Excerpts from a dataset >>
★ ★ ★ ★ ★ ★ ★
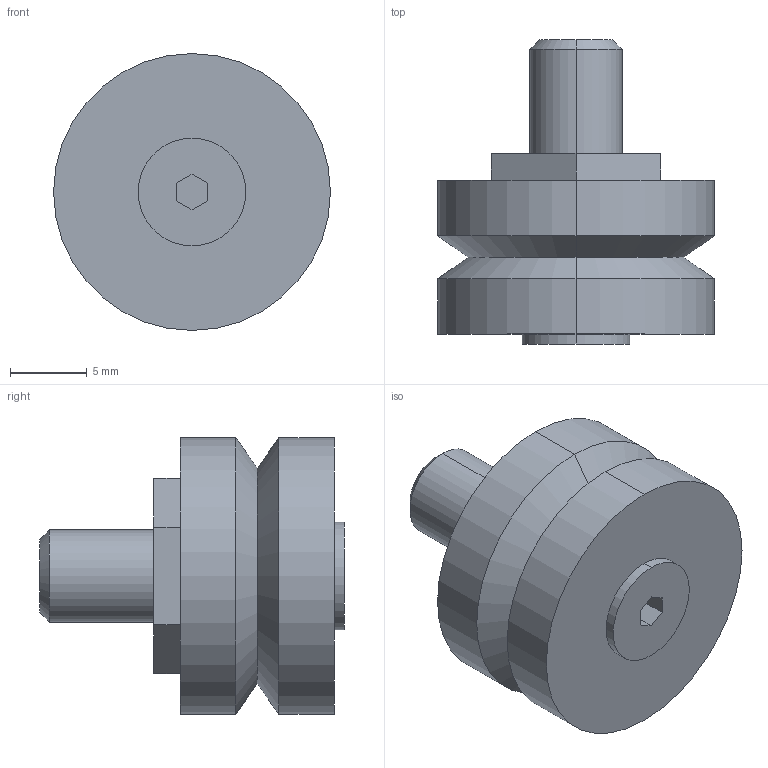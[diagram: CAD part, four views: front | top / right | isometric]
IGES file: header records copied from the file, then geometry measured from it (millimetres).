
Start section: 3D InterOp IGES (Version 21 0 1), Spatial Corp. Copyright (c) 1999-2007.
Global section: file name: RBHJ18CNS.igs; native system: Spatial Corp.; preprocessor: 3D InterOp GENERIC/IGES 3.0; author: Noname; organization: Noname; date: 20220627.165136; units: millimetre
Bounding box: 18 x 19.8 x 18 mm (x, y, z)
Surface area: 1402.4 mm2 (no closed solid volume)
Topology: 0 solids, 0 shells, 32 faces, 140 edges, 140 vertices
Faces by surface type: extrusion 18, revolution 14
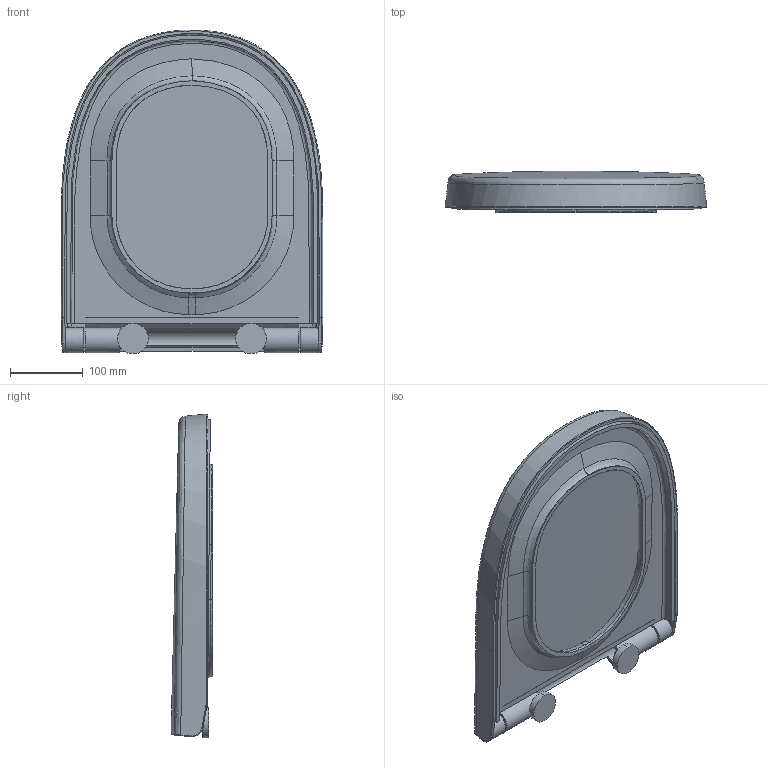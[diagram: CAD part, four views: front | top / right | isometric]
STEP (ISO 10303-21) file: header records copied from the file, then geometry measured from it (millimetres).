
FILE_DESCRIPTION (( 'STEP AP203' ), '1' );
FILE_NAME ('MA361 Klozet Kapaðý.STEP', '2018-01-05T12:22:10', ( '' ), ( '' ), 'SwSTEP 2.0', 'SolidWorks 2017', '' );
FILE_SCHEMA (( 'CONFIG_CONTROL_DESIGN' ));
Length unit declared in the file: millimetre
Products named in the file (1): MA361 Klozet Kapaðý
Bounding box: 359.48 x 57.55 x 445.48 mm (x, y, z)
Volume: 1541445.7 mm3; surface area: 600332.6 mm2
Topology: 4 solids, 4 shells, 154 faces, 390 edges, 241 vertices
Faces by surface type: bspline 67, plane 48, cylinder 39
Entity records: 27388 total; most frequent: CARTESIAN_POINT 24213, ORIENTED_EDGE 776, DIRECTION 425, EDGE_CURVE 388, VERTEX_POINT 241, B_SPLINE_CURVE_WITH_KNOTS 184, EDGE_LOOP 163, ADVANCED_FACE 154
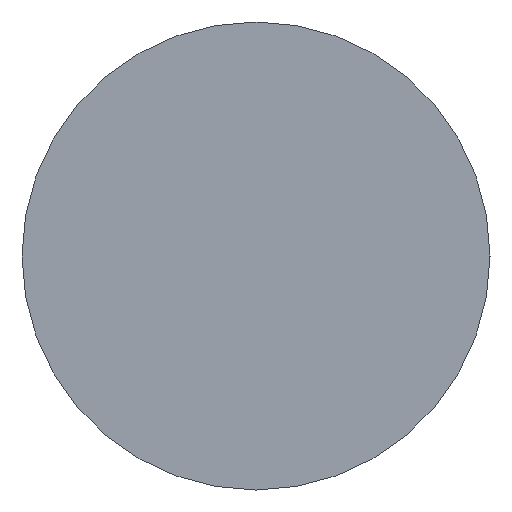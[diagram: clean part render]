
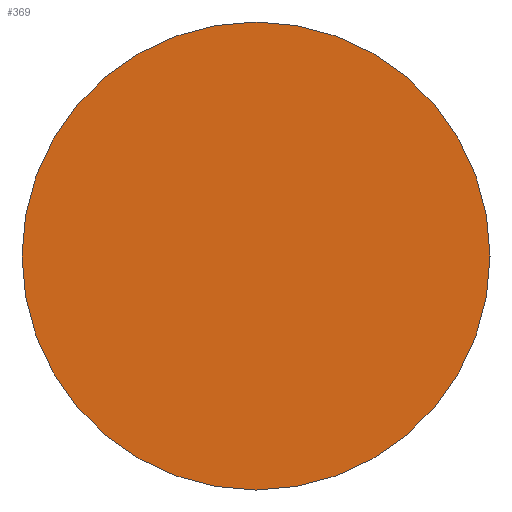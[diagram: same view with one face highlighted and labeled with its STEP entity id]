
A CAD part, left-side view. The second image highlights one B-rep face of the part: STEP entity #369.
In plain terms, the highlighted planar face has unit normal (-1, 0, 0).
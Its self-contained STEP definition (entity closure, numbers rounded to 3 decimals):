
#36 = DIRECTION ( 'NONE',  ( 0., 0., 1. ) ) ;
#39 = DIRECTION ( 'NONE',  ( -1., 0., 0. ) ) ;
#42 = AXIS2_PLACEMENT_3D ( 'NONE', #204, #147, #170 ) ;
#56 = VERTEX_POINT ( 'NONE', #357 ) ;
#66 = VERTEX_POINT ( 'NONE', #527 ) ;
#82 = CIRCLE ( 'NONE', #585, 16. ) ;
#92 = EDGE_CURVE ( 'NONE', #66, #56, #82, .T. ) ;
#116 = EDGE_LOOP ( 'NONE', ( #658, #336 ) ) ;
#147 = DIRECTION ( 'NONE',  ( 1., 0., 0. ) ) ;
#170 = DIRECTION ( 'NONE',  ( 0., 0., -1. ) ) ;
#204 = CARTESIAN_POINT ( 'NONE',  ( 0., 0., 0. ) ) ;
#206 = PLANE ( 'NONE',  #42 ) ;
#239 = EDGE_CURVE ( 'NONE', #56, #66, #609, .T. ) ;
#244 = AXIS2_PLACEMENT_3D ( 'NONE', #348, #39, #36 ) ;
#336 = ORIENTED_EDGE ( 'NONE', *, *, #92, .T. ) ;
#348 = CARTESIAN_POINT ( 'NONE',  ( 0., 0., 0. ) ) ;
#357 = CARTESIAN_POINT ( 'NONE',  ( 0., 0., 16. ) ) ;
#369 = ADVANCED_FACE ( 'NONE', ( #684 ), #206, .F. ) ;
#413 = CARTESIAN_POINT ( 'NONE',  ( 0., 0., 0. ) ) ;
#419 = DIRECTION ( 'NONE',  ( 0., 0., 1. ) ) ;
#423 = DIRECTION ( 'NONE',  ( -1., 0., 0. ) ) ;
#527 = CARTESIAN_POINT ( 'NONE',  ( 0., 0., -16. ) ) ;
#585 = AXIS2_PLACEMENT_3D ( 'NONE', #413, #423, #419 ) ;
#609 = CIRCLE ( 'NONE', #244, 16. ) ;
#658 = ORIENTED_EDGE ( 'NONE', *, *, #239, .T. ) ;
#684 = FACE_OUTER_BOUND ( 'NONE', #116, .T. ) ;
★ ★ ★ ★ ★ ★ ★
WHAT IS EXPECTED >> The lines from the one holding "#204 = CARTESIAN_POINT" to the end of the entries are to be repeated exactly, with both ends included and nothing else.

RESPONSE BELOW >>
#204 = CARTESIAN_POINT ( 'NONE',  ( 0., 0., 0. ) ) ;
#206 = PLANE ( 'NONE',  #42 ) ;
#239 = EDGE_CURVE ( 'NONE', #56, #66, #609, .T. ) ;
#244 = AXIS2_PLACEMENT_3D ( 'NONE', #348, #39, #36 ) ;
#336 = ORIENTED_EDGE ( 'NONE', *, *, #92, .T. ) ;
#348 = CARTESIAN_POINT ( 'NONE',  ( 0., 0., 0. ) ) ;
#357 = CARTESIAN_POINT ( 'NONE',  ( 0., 0., 16. ) ) ;
#369 = ADVANCED_FACE ( 'NONE', ( #684 ), #206, .F. ) ;
#413 = CARTESIAN_POINT ( 'NONE',  ( 0., 0., 0. ) ) ;
#419 = DIRECTION ( 'NONE',  ( 0., 0., 1. ) ) ;
#423 = DIRECTION ( 'NONE',  ( -1., 0., 0. ) ) ;
#527 = CARTESIAN_POINT ( 'NONE',  ( 0., 0., -16. ) ) ;
#585 = AXIS2_PLACEMENT_3D ( 'NONE', #413, #423, #419 ) ;
#609 = CIRCLE ( 'NONE', #244, 16. ) ;
#658 = ORIENTED_EDGE ( 'NONE', *, *, #239, .T. ) ;
#684 = FACE_OUTER_BOUND ( 'NONE', #116, .T. ) ;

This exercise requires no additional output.